On behalf of UCSB Geography’s STKO lab members Yingjie Hu, Grant McKenzie, Jiue-An Yang, Song Gao, Amin Abdalla, and Professor Krzysztof Janowicz (Director), Yingjie was presented with 2nd prize for a presentation of “A Linked-Data-Driven Web Portal for Learning Analytics: Data Enrichment, Interactive Visualization, and Knowledge Discovery” in the 2014 LAK Data Challenge which was sponsored by the Association for Computing Machinery (ACM) International Conference on Learning Analytics and Knowledge (LAK), held in Indianapolis, IN, March 24-28.

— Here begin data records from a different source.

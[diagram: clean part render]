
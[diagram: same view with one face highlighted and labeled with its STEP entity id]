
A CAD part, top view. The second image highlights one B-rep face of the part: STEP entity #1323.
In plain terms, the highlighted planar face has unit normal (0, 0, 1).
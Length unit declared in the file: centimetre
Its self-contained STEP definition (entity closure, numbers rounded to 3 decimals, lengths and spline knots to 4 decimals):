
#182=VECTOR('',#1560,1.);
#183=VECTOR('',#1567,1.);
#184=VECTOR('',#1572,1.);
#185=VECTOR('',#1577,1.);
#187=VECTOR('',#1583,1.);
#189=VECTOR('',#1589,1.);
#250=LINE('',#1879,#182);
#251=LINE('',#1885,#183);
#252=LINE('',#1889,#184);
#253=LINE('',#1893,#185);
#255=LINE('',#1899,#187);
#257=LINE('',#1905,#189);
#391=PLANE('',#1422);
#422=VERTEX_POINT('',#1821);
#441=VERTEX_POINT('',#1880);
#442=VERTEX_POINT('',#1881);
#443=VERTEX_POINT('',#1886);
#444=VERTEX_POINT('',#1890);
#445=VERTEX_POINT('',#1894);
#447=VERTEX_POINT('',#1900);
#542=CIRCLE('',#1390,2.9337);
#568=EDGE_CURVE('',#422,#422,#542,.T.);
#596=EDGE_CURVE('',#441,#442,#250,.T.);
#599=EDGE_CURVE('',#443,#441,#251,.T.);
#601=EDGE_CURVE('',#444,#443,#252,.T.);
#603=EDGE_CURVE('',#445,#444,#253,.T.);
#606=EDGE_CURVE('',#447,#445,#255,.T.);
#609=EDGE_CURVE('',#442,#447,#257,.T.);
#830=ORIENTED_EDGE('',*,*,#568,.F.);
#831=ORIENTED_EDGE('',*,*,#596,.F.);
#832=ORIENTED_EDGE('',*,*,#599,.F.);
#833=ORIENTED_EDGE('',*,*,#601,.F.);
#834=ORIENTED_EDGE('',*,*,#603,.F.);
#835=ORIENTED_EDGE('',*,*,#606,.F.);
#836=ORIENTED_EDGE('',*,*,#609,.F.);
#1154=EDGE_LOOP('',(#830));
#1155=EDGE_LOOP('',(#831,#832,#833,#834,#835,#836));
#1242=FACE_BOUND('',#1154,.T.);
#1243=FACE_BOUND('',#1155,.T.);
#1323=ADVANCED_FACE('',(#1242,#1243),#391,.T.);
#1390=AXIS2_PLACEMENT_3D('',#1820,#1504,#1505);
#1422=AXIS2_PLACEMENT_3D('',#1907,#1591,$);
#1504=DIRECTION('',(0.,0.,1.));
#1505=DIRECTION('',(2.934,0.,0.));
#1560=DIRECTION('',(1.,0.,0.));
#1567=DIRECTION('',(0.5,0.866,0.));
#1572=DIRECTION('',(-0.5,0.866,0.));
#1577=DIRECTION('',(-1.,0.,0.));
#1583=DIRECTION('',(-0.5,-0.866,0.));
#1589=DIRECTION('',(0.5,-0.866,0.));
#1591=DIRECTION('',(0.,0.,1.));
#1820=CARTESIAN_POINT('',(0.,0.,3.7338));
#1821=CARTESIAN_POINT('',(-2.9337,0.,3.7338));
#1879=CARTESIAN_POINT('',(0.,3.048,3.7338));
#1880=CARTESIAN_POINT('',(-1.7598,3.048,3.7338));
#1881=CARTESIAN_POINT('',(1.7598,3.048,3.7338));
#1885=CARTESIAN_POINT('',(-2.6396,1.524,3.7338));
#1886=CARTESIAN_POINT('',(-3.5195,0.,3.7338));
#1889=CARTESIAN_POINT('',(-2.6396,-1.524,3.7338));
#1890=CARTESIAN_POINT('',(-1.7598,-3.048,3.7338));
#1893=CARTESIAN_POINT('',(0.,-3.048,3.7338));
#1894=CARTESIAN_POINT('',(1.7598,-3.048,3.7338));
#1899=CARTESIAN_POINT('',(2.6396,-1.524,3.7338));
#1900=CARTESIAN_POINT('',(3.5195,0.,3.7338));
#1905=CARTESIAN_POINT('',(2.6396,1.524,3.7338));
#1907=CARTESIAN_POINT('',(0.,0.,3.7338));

The LAK Data Challenge presents machine-readable metadata about the publications, researchers, and conferences in the field of learning analytics. The mission of this challenge is to facilitate the understanding of the LAK discipline, such as the evolution of research topics, as well as the collaborative relations among researchers. The work presented by Geography’s Space and Time Knowledge Organization Lab (STKO Lab) is an online scientometrics workbench, called DEKDIV, which offers a number of powerful functional modules to help users explore the LAK dataset and gain more insights. “As a group in the geography department, our work features the functionalities that help discover spatiotemporal patterns from the locations of research institutes and conferences, as well as the geographic relations among them,” Yingjie explains. He goes on to point out that Semantic Web technologies and Natural Language Process (NLP) methods are also employed to extract meaningful information from the full text of each paper to examine the popular topics in this field. Specifically, this online workbench highlights the following functionalities:
- Discovering Geographic Patterns. The Collaborative Institute module (figure 1) represents the coauthorships among research institutes throughout the world and detects some collaboration patterns (e.g., domestic or international collaboration). The Conference Participant module (figure 2) displays the geographic distribution of conference participants throughout the world. The Reference Map module shows the locations of the first authors whose papers have been cited.
- Topic Modeling and Researcher Similarity. As the LAK dataset also provides full text for each paper, we employed the Latent Dirichlet Allocation (LDA) to identify the topics contained in the text. We then combine all the papers of each researcher and use LDA to identify their research interests. Consequently, researchers’ interests can be represented as a probability distribution of topics, and we derive their similarity using cosine distance metrics. The similarities of researchers are then displayed using Multidimensional Scaling (MDS), and a screenshot can be seen in figure 3.
- Recommending Reviewers and Finding Potential Collaborators. Based on the research interests of scholars in the field of LAK, our workbench also provides the functionality to recommend reviewers to a newly submitted paper (figure 4). The system can automatically extract the key concepts from the abstract of the paper and then find researchers who have similar publications, while avoiding interest conflicts (i.e., excluding researchers who have coauthored together before). The Potential Collaborator module (figure 5) can help find researchers who have similar research interests but who may have never collaborated before.
“While we are new to the field of learning analytics, our work received good feedback and comments from the LAK community,” Yingjie noted. “The challenge organization committee commended us for introducing a geographic perspective to the LAK dataset, which helped obtain novel insights.”
Editor’s note: Many thanks to Yingjie for contributing this material.